About this task = The data below holds a line containing "Body 3x3mm, Pitch" and a line containing "rrect40% 0.25x0.34 on"; please quote exactly those two lines and every line between them, and nothing else.

---

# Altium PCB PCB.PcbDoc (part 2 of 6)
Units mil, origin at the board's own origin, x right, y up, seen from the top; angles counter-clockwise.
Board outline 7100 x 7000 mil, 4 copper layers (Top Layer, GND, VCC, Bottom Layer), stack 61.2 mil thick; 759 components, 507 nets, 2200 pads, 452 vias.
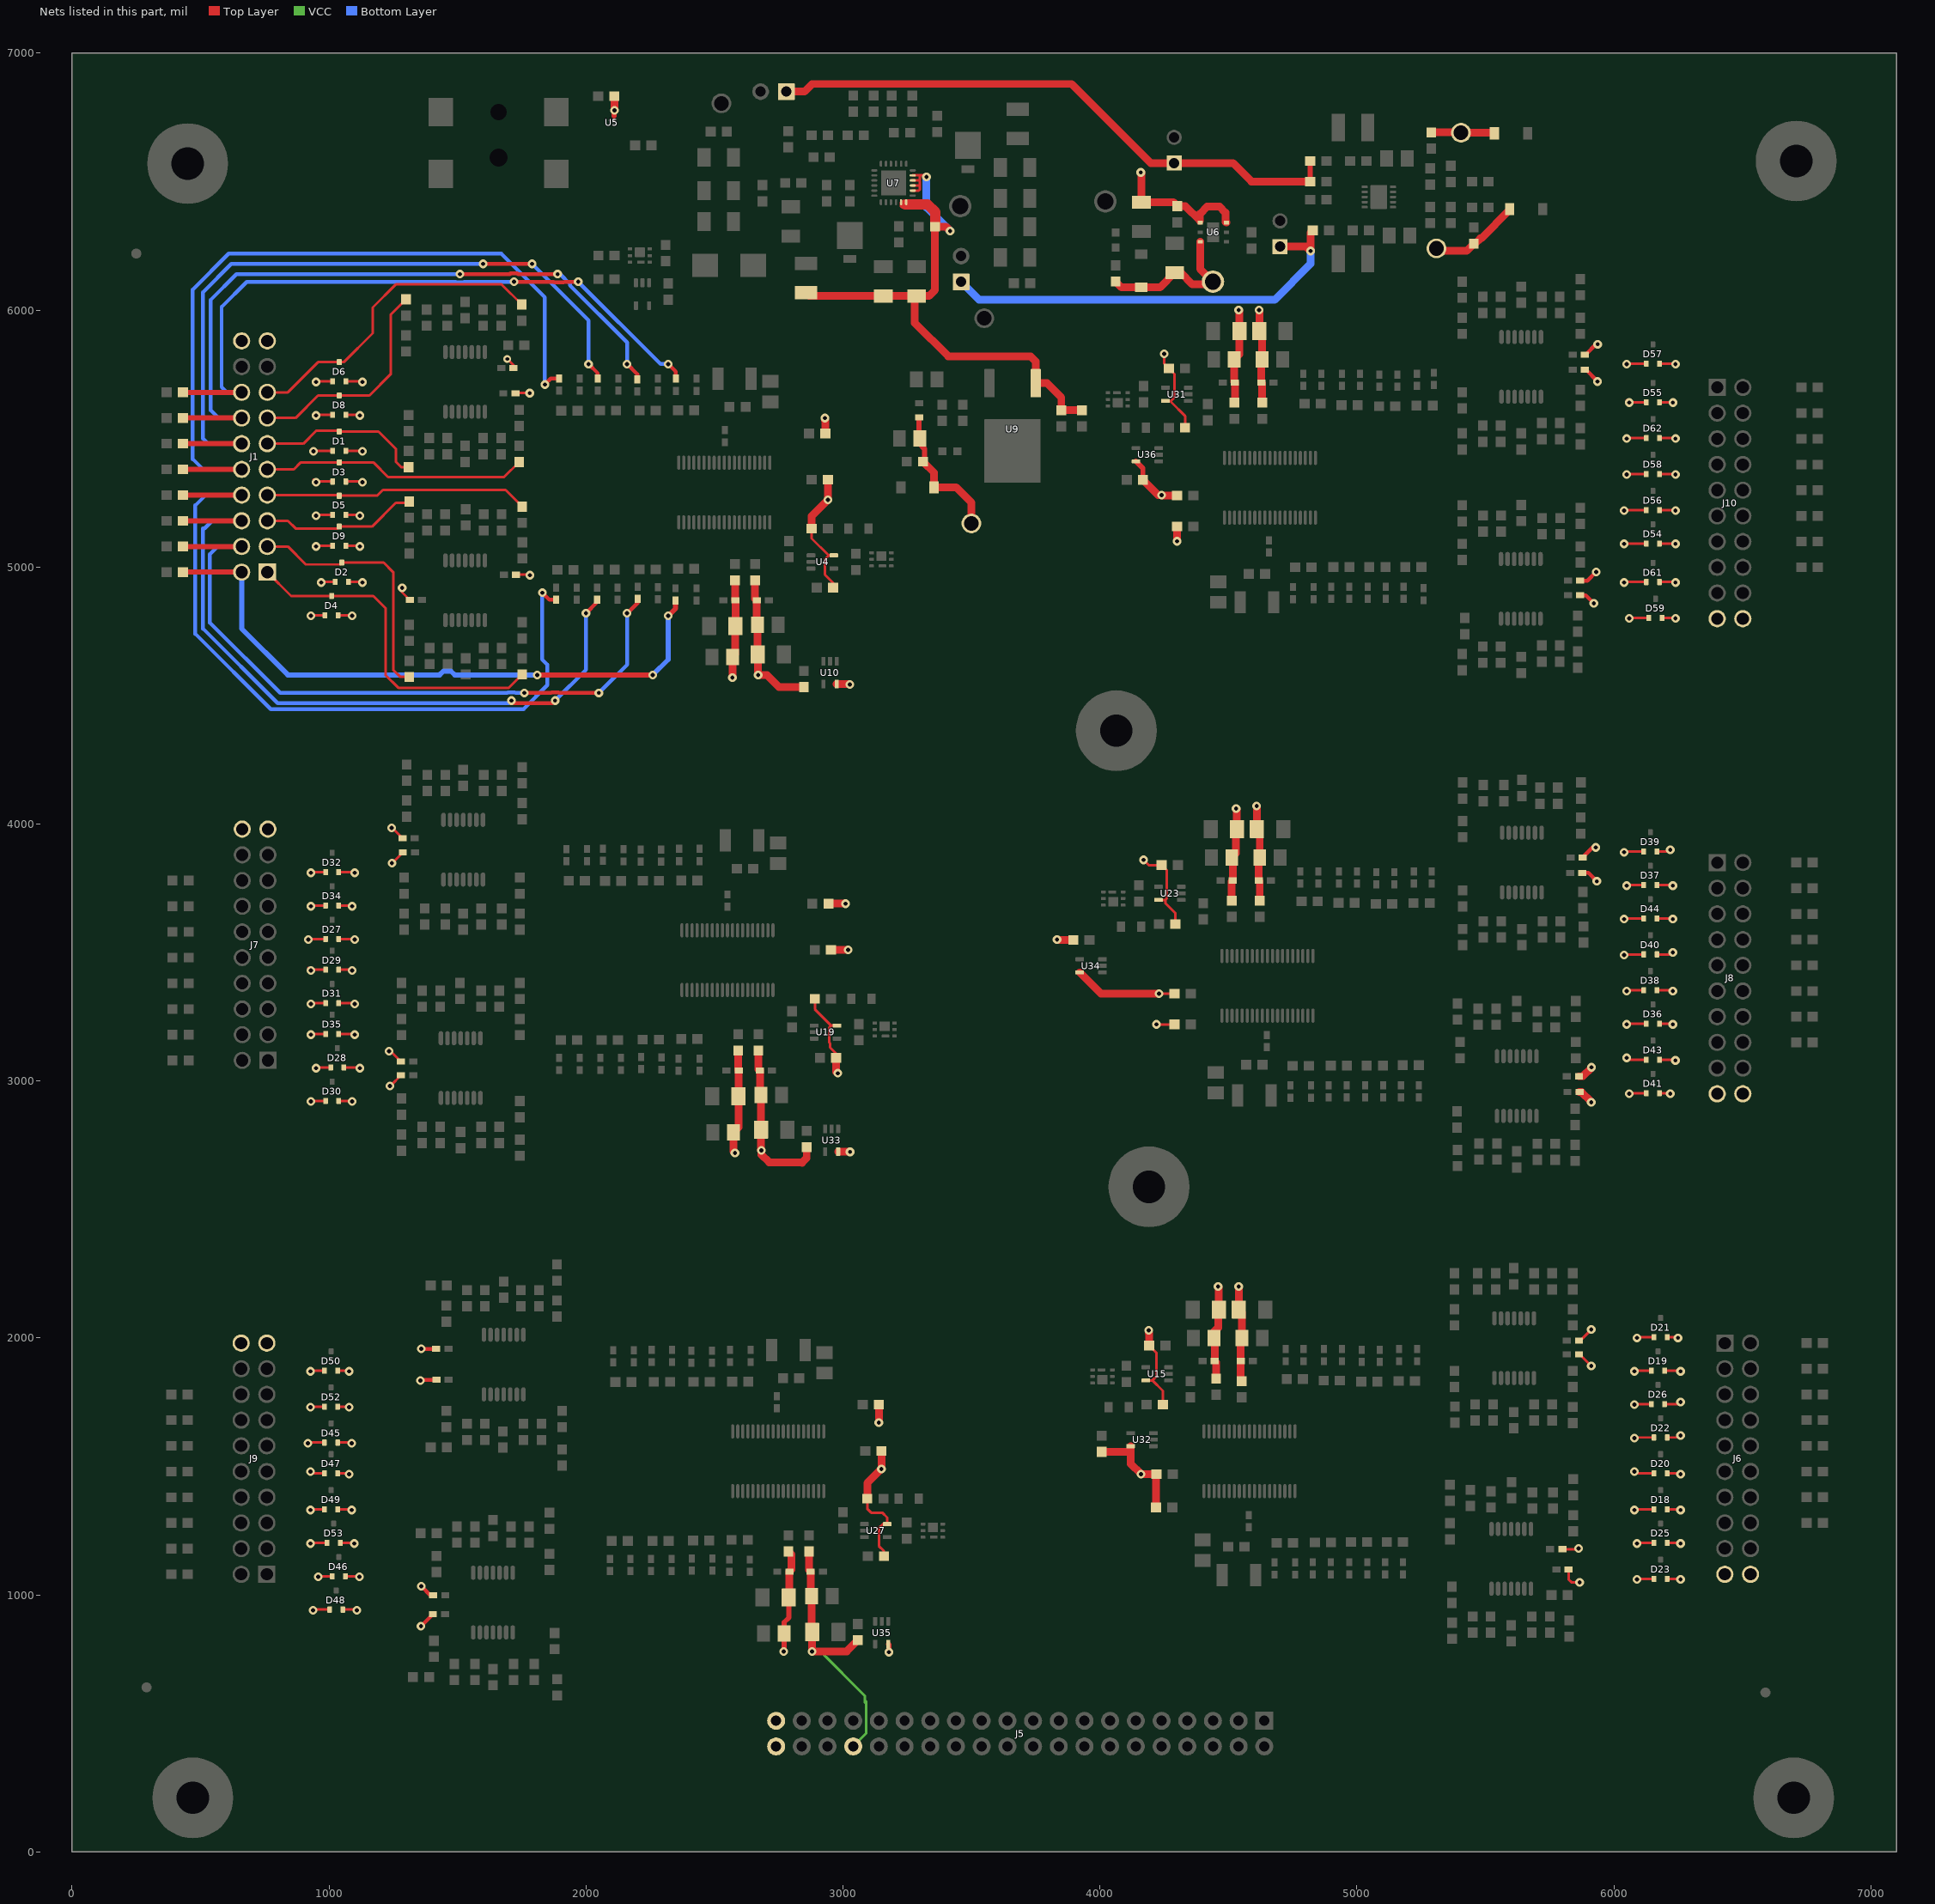
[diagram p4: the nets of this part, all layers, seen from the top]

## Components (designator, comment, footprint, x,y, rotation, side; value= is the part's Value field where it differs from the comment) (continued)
U24 "OPA4197IPWR" PW0014A_N 1679.76,1896.43 r270 top
U25 "OPA4197IPWR" PW0014A_N 1638.26,969.95 r270 top
U26 "ADS8688IDBT" DBT0038A_N 2748.26,1519.95 r270 top
U27 "SN74LVC1G17DCKR" DCK0005A_N 3128.25,1250 r0 top
U28 "OPA4197IPWR" PW0014A_N 5637.69,4914.98 r90 top
U29 "OPA4197IPWR" PW0014A_N 5639.69,5778.98 r90 top
U30 "ADS8688IDBT" DBT0038A_N 4661.89,5308.58 r90 top
U31 "SN74LVC1G17DCKR" DCK0005A_N 4300,5672.44 r180 top
U32 "SN74LVC1G17DCKR" DCK0005A_N 4164,1604 r180 top
U33 "SN74LVC1G17DCKR" DCK0005A_N 2956,2769 r270 top
U34 "SN74LVC1G17DCKR" DCK0005A_N 3966,3448 r180 top
U35 "SN74LVC1G17DCKR" DCK0005A_N 3151,853 r270 top
U36 "SN74LVC1G17DCKR" DCK0005A_N 4185,5437 r180 top
ZZ1 "This Assembly Note is for PCB labels only" AssemblyNoteLabel 11900,340 r90 top

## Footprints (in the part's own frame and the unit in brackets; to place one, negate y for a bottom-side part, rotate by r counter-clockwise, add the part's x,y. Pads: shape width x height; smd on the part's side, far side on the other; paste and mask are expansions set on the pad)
0402 [mm] "0402 from SM-752 data"
  rect 0.8x0.6 smd: 1(-0.6,0) 2(0.6,0)
  silkscreen extent -1.22,-0.52 1.22,0.52, body extent -0.55,-0.3 0.55,0.3, height 0.6
0603 [mm] "0603 from SM-752 data"
  rect 1x0.95 smd: 1(-0.8,0) 2(0.8,0)
  silkscreen extent -1.52,-0.69 1.52,0.69, body extent -0.87,-0.47 0.87,0.47, height 1
0805_HV [mil] "0805 with 30mil clearance between pads"
  rect 50x63 smd: 1(-40,0) 2(40,0)
  silkscreen extent -74,-40 74,40, body extent -43,-29 43,29, height 57
1206 [mm] "1206 from SM-752 data"
  rect 1.3x1.85 smd: 1(-1.45,0) 2(1.45,0)
  silkscreen extent -2.4,-1.21 2.4,1.21, body extent -1.7,-0.9 1.7,0.9, height 1.35
1210 [mm] "1210 from SM-752 data"
  rect 1.3x2.7 smd: 1(-1.45,0) 2(1.45,0)
  silkscreen extent -2.32,-1.57 2.32,1.57, body extent -1.7,-1.35 1.7,1.35, height 1.35
1210_280 [mm] "SMD, 2-Leads, Body 3.6x2.8mm, Height 2.8mm"
  rect 1.1x2.2 smd: 1(-1.65,0) 2(1.65,0)
  silkscreen extent -0.84,-1.4 0.84,1.4, body extent -1.8,-1.4 1.8,1.4, height 2.8
3216-18 [mm] "Based on AVX recommendation in http://www.avx.com/download/software/literature/AVX-Footprint-Library.pdf"
  rrect7% 1.4x1.8 smd: 1(-1.3,0) 2(1.3,0)
  silkscreen extent -1.9,-1.12 0.8,1.12, body extent -1.7,-0.9 1.7,0.9, height 1.82
6032-28 [mm] "Medium Density IPC based on Vishay Sprague 293D datasheet."
  rect 2.55x2.3 smd: 1(-2.375,0) 2(2.375,0)
  silkscreen extent -3.96,-1.75 3.2,1.82, body extent -3.15,-1.75 3.15,1.75, height 2.8
AssemblyNoteLabel [mil] "Assembly Note for PCB Labels"
CONN_PEC02SAAN [mm] "SULLINS"
  rrect7% 1.5x1.5 hole 1.016: 1(-1.27,0)
  round 1.5 hole 1.016: 2(1.27,0)
  silkscreen extent -2.54,-1.52 2.54,1.27, body extent -2.54,-1.27 2.54,1.27, height 8.38
CONN_ZSS-120-01-L-D-529 [mil] "Header 20x2 , 100 mil Pitch"
  rect 70x70 hole 40: 1(-950,-50)
  round 70 hole 40: 2(-950,50) 3(-850,-50) 4(-850,50) 5(-750,-50) 6(-750,50) 7(-650,-50) 8(-650,50) 9(-550,-50) 10(-550,50) 11(-450,-50) 12(-450,50) 13(-350,-50) 14(-350,50) 15(-250,-50) 16(-250,50) 17(-150,-50) 18(-150,50) 19(-50,-50) 20(-50,50) 21(50,-50) 22(50,50) 23(150,-50) 24(150,50) 25(250,-50) 26(250,50) 27(350,-50) 28(350,50) 29(450,-50) 30(450,50) 31(550,-50) 32(550,50) 33(650,-50) 34(650,50) 35(750,-50) 36(750,50) 37(850,-50) 38(850,50) 39(950,-50) 40(950,50)
  silkscreen extent -1075,-190 1075,183, body extent -1075,-190 1075,183, height 528
CUI_PJ-002AH-SMT [mm] "CUI"
  rect 2.8x2.4 smd: 1(-3.05,5.7) 1A(3.05,5.7) 2(-3.05,-5.7) 3(3.05,-5.7)
  round 1 hole 1.6 unplated: MH1(-3.05,0)
  round 1.524 hole 1.8 unplated: MH2(1.45,0)
  silkscreen extent -8.05,-4.5 6.75,5.45, body extent -8.05,-6.3 6.75,6.3, height 11.2
DBT0038A_N [mm] "TSSOP, 38-Leads, Body 9.7x4.4mm, Pitch 0.5mm, IPC Medium Density"
  oval 1.4x0.3 smd: 1(-2.95,4.5) 2(-2.95,4) 3(-2.95,3.5) 4(-2.95,3) 5(-2.95,2.5) 6(-2.95,2) 7(-2.95,1.5) 8(-2.95,1) 9(-2.95,0.5) 10(-2.95,0) 11(-2.95,-0.5) 12(-2.95,-1) 13(-2.95,-1.5) 14(-2.95,-2) 15(-2.95,-2.5) 16(-2.95,-3) 17(-2.95,-3.5) 18(-2.95,-4) 19(-2.95,-4.5) 20(2.95,-4.5) 21(2.95,-4) 22(2.95,-3.5) 23(2.95,-3) 24(2.95,-2.5) 25(2.95,-2) 26(2.95,-1.5) 27(2.95,-1) 28(2.95,-0.5) 29(2.95,0) 30(2.95,0.5) 31(2.95,1) 32(2.95,1.5) 33(2.95,2) 34(2.95,2.5) 35(2.95,3) 36(2.95,3.5) 37(2.95,4) 38(2.95,4.5)
  silkscreen extent -3.5,-4.9 1.5,4.9, body extent -3.21,-4.85 3.21,4.85, height 1.2
DCK0005A_N [mm] "SOT353, 5-Leads, Body 2x1.3mm, Pitch 0.65mm, Lead Span 2.1mm, IPC Medium Density"
  rrect25% 0.85x0.4 smd: 1(-1.125,0.65) 2(-1.125,0) 3(-1.125,-0.65) 4(1.125,-0.65) 5(1.125,0.65)
  silkscreen extent -1.48,-1.02 0.55,1.1, body extent -1.14,-1 1.14,1, height 0.95
DQK0006C [mm] "WSON"
  rrect12% 0.9x0.86 on Top Paste: 0(0,0.325)
  rrect34% 0.7x0.29 on Top Paste: 0(0.095,-0.65)
  rrect33% 0.45x0.3 smd: 1(-0.975,0.65) 2(-0.975,0) 3(-0.975,-0.65) 4(0.975,-0.65) 5(0.975,0) 6(0.975,0.65)
  rrect33% 0.75x0.3 smd paste-0.15: 7(0.095,-0.65)
  rrect11% 1x0.95 smd paste-0.5: 8(0,0.325)
  silkscreen extent -1.15,-1.15 1.15,1.15, body extent -1,-1 1,1, height 0.82
DSC0010J [mm] "SON, 10-Leads, Body 3x3mm, Pitch 0.5mm, Thermal Pad 2.4x1.65mm, TI Recommended"
  rrect40% 0.6x0.25 smd: 1(-1.4,1) 2(-1.4,0.5) 3(-1.4,0) 4(-1.4,-0.5) 5(-1.4,-1) 6(1.4,-1) 7(1.4,-0.5) 8(1.4,0) 9(1.4,0.5) 10(1.4,1)
  rrect40% 0.25x0.34 on Top Paste: 11(-0.25,-1.53) 11(-0.25,1.53) 11(0.25,-1.53) 11(0.25,1.53)
  rrect9% 1.5x1.06 on Top Paste: 11(0,-0.63) 11(0,0.63)
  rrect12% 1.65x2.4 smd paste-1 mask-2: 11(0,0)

---

Finished exercise =
DSC0010J [mm] "SON, 10-Leads, Body 3x3mm, Pitch 0.5mm, Thermal Pad 2.4x1.65mm, TI Recommended"
  rrect40% 0.6x0.25 smd: 1(-1.4,1) 2(-1.4,0.5) 3(-1.4,0) 4(-1.4,-0.5) 5(-1.4,-1) 6(1.4,-1) 7(1.4,-0.5) 8(1.4,0) 9(1.4,0.5) 10(1.4,1)
  rrect40% 0.25x0.34 on Top Paste: 11(-0.25,-1.53) 11(-0.25,1.53) 11(0.25,-1.53) 11(0.25,1.53)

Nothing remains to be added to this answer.